Hi guys. I am thinking about getting a Series S. Was going to try to get Series X, but wait at local game store is really long. I currently have an XBox One, is the Series S more powerful than that? Also, I have an external USB HDD, would I be able to use that with the Series S? Worth getting Series S? Thoughts and help appreciated


----------



## SG854 (Dec 26, 2021)

wait for the x if you want it. You'll regret the s


----------



## Chary (Dec 26, 2021)

The Series S runs laps around the original Xbox One, for sure. I'd even say there's a lot it does better than the upgraded Xbox One X, since it'll have better framerates, faster loading, and no shaky "4K"60 of the Xbox One X. You can use an external drive, but only for backwards compatible games on the OG Xbox, 360, or One. Series games won't work and need a special expansion drive. 

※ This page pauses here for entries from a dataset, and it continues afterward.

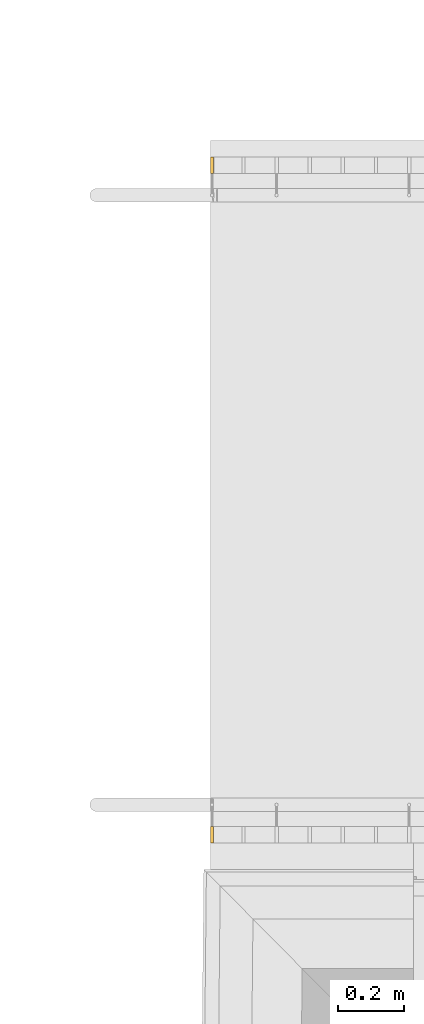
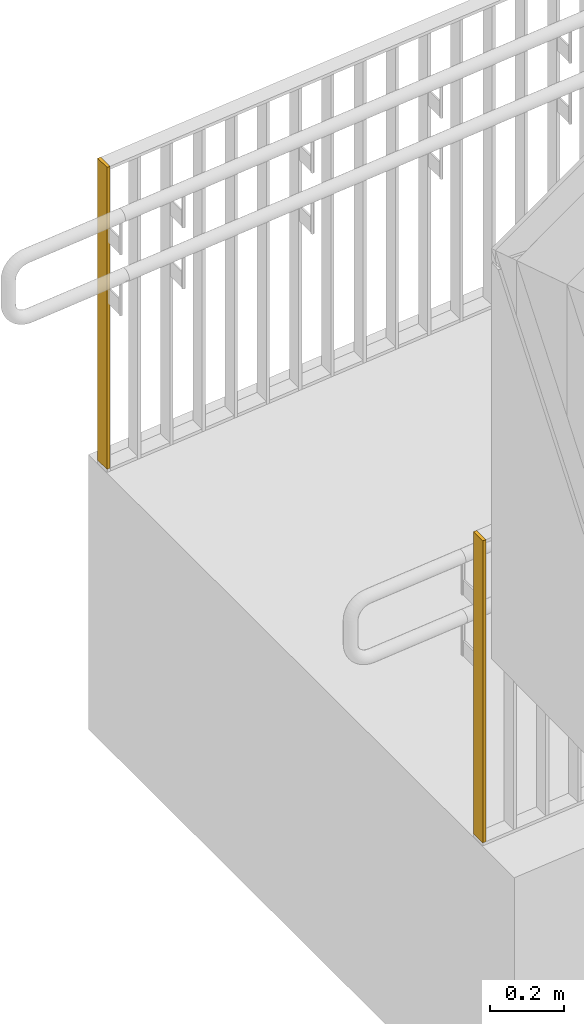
# One storey, part 173 of 418: 2 railings.
"""IFC2X3 building model written with IfcOpenShell, lengths in millimetres."""

from ifc_helpers import new_model, entity, si_unit, converted_unit, derived_unit, money_unit, direction, frame, origin_with_axes, place, context, subcontext, project, spatial, polyline, outline, extrude, boolean, faceted_brep, material, type_object, element, save


model = new_model("IFC2X3")

# Units and contexts
model_context = context("Model", 3, precision=0.01, world=origin_with_axes(), true_north=direction((0.0, 1.0)))
body_context = subcontext(model_context, "Body", "Model", "MODEL_VIEW")
ifc_project = project(units=[si_unit("LENGTHUNIT", "METRE", prefix="MILLI"), si_unit("AREAUNIT", "SQUARE_METRE"), si_unit("VOLUMEUNIT", "CUBIC_METRE"), converted_unit("PLANEANGLEUNIT", "DEGREE", entity("IfcPlaneAngleMeasure", 0.0174532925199), si_unit("PLANEANGLEUNIT", "RADIAN"), dimensions=[0, 0, 0, 0, 0, 0, 0]), si_unit("SOLIDANGLEUNIT", "STERADIAN"), money_unit("EUR"), converted_unit("TIMEUNIT", "Year", entity("IfcTimeMeasure", 31556926.0), si_unit("TIMEUNIT", "SECOND"), dimensions=[0, 0, 1, 0, 0, 0, 0]), si_unit("MASSUNIT", "GRAM", prefix="KILO"), si_unit("THERMODYNAMICTEMPERATUREUNIT", "DEGREE_CELSIUS"), si_unit("LUMINOUSINTENSITYUNIT", "LUMEN"), si_unit("ENERGYUNIT", "JOULE", prefix="MEGA"), derived_unit("THERMALCONDUCTANCEUNIT", [(si_unit("POWERUNIT", "WATT"), 1), (si_unit("LENGTHUNIT", "METRE"), -1), (si_unit("THERMODYNAMICTEMPERATUREUNIT", "KELVIN"), -1)]), derived_unit("SPECIFICHEATCAPACITYUNIT", [(si_unit("ENERGYUNIT", "JOULE"), 1), (si_unit("MASSUNIT", "GRAM", prefix="KILO"), -1), (si_unit("THERMODYNAMICTEMPERATUREUNIT", "KELVIN"), -1)]), derived_unit("MASSDENSITYUNIT", [(si_unit("MASSUNIT", "GRAM", prefix="KILO"), 1), (si_unit("VOLUMEUNIT", "CUBIC_METRE"), -1)])], contexts=[model_context])

# Site, building, storey
site_placement = place(None, origin_with_axes())
site = spatial("IfcSite", under=ifc_project, at=site_placement, Name="Paldiski mnt 245/1, Tallinn, Harjumaa", CompositionType="COMPLEX")
building_placement = place(site_placement, origin_with_axes())
building = spatial("IfcBuilding", under=site, at=building_placement, Name="RKAS Hoone üldnimetus (kasutust iseloomustav) -> IFC Project Manager -> SOLIBRI", CompositionType="ELEMENT")
storey_placement = place(building_placement, origin_with_axes())
storey = spatial("IfcBuildingStorey", under=building, at=storey_placement, Name="Esimene korrus", CompositionType="ELEMENT", Elevation=0.0)

# Railings
ifc_material = material(Name="RAL7016")
railing_type = type_object("IfcRailingType", Name="RAL7016 1000", PredefinedType="NOTDEFINED")
railing_1_placement = place(storey_placement, frame((-50833.288767, 38489.7311931, -669.703891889), z_axis=(0.0, 0.0, 1.0), x_axis=(0.0, 1.0, 0.0)))
element("IfcRailing", 1, at=railing_1_placement, inside=storey, type_object=railing_type, material=ifc_material, Name="Trepipiire", PredefinedType="NOTDEFINED", context=body_context, shape_type="CSG", body=[
    boolean("DIFFERENCE", extrude(outline(polyline([(-2.03925765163e-09, 9080.0), (49.999999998, 9080.0), (49.9999999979, 9090.0000074), (-2.0605739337e-09, 9090.0000074), (-2.03925765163e-09, 9080.0)])), origin_with_axes(), (0.0, 0.0, 1.0), 1000.0), faceted_brep([(49.9999999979, 9090.0000074, 9.36358070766), (49.9999999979, 9080.0, 10.3635814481), (49.999999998, 9080.0, 0.0), (49.9999999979, 9090.0000074, 0.0), (-2.0605739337e-09, 9080.0, 10.3635814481), (-2.0605739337e-09, 9090.0000074, 9.36358070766), (-2.04636307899e-09, 9080.0, 0.0), (-2.0605739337e-09, 9090.0000074, 0.0)], [[[0, 1, 2, 3]], [[4, 1, 0, 5]], [[1, 4, 6, 2]], [[2, 6, 7, 3]], [[5, 0, 3, 7]], [[4, 5, 7, 6]]])),
])
railing_2_placement = place(storey_placement, frame((-50833.288767, 36464.8286725, -669.703891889), z_axis=(0.0, 0.0, 1.0), x_axis=(0.0, 1.0, 0.0)))
element("IfcRailing", 2, at=railing_2_placement, inside=storey, type_object=railing_type, material=ifc_material, Name="Trepipiire", PredefinedType="NOTDEFINED", context=body_context, shape_type="CSG", body=[
    boolean("DIFFERENCE", extrude(outline(polyline([(55.0000000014, 9080.0), (55.0000000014, 9090.0000074), (5.00000000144, 9090.0000074), (5.00000000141, 9080.0), (55.0000000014, 9080.0)])), origin_with_axes(), (0.0, 0.0, 1.0), 1000.0), faceted_brep([(55.0000000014, 9090.0000074, 9.36358070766), (55.0000000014, 9080.0, 10.3635814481), (55.0000000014, 9080.0, 0.0), (55.0000000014, 9090.0000074, 0.0), (5.00000000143, 9080.0, 10.3635814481), (5.00000000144, 9090.0000074, 9.36358070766), (5.00000000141, 9080.0, 0.0), (5.00000000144, 9090.0000074, 0.0)], [[[0, 1, 2, 3]], [[4, 1, 0, 5]], [[1, 4, 6, 2]], [[3, 2, 6, 7]], [[5, 0, 3, 7]], [[4, 5, 7, 6]]])),
])

save(model, "model.ifc")

I love my Series S, and I think it's incredible value for the price, but if this is going to be your dedicated console, I'd recommend just hanging in there and waiting for the X. For me, I have a PS5 and Series S and it's the perfect balance, so it depends on what you want with it.


----------



## CoolMe (Dec 26, 2021)

The only thing you should consider is that you can't play your discs (360,One & Series games) on the Series S, as it's a digital-only system and it plays only downloaded games, but the Series X plays both discs and digital games. So you choose.


----------



## Skeet1983 (Dec 26, 2021)

Chary said:


> The Series S runs laps around the original Xbox One, for sure. I'd even say there's a lot it does better than the upgraded Xbox One X, since it'll have better framerates, faster loading, and no shaky "4K"60 of the Xbox One X. You can use an external drive, but only for backwards compatible games on the OG Xbox, 360, or One. Series games won't work and need a special expansion drive.
> 
> I love my Series S, and I think it's incredible value for the price, but if this is going to be your dedicated console, I'd recommend just hanging in there and waiting for the X. For me, I have a PS5 and Series S and it's the perfect balance, so it depends on what you want with it.


Thanks for the info! I do have a PS5 too!


----------



## tech3475 (Dec 26, 2021)

I would say the three biggest factors are:
1) Are you primarily DD or Disc? If you're currently disc then consider the cost of going DD only e.g. a physical copy may be discounted quicker than the DD version, the cost of repurchasing any games you may want to, etc.
2) Will you immediately be buying more SSD storage? If you think you'll immediately be buying the 512GB SSD for $140, then that could be money towards the Series X
3) Will you want the extra potential performance of the Series X? Maybe look at some comparison videos if you can. 

Personally, overall I see the Series S as the 'casual' console and/or the 'secondary' console for someone with Gamepass/DD collection and/or just wants it for the odd game e.g. a PS5 user who wants to play Halo Infinite on console.

For example, when they start getting discounted/deals, I might pick a Series S up for my mum so she can play Flight Simulator. 

Or one of my brothers who only buys Fifa annually at launch and plays on a 1080p screen, may be ok with the Series S. 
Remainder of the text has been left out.